- **YOUR INSTRUCTIONS**:
Scan the lines below and report each one containing "SPRING" by copying it.

- **DATA EXCERPTS**:
================================

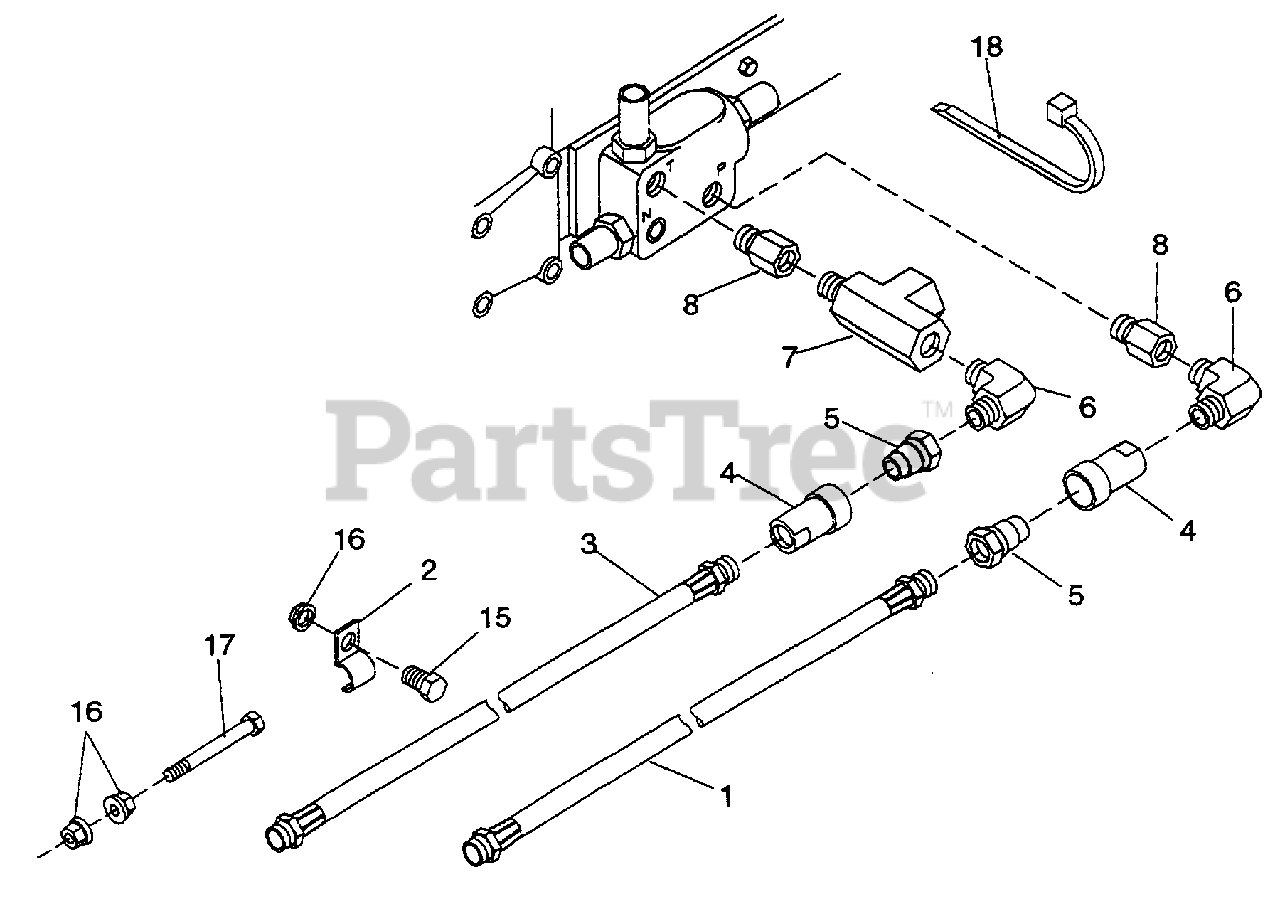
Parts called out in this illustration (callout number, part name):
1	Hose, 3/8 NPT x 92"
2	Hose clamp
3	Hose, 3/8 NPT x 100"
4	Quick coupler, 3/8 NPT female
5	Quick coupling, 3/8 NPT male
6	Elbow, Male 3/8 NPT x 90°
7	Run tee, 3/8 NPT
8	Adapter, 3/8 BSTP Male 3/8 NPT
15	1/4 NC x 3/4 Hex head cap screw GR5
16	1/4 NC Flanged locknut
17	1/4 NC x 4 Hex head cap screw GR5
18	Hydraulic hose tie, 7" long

================================

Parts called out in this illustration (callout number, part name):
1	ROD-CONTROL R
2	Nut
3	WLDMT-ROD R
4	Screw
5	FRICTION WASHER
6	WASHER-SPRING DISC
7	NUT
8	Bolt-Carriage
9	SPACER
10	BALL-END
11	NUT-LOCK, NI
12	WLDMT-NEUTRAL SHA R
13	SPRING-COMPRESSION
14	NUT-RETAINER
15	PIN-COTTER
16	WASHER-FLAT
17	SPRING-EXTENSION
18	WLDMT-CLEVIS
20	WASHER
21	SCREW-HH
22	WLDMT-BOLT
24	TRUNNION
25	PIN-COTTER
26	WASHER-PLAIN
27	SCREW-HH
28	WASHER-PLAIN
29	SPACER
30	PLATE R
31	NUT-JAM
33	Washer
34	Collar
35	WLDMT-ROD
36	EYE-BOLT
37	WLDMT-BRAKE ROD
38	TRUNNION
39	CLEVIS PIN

================================

- **ANSWER SECTION**:
6	WASHER-SPRING DISC
13	SPRING-COMPRESSION
17	SPRING-EXTENSION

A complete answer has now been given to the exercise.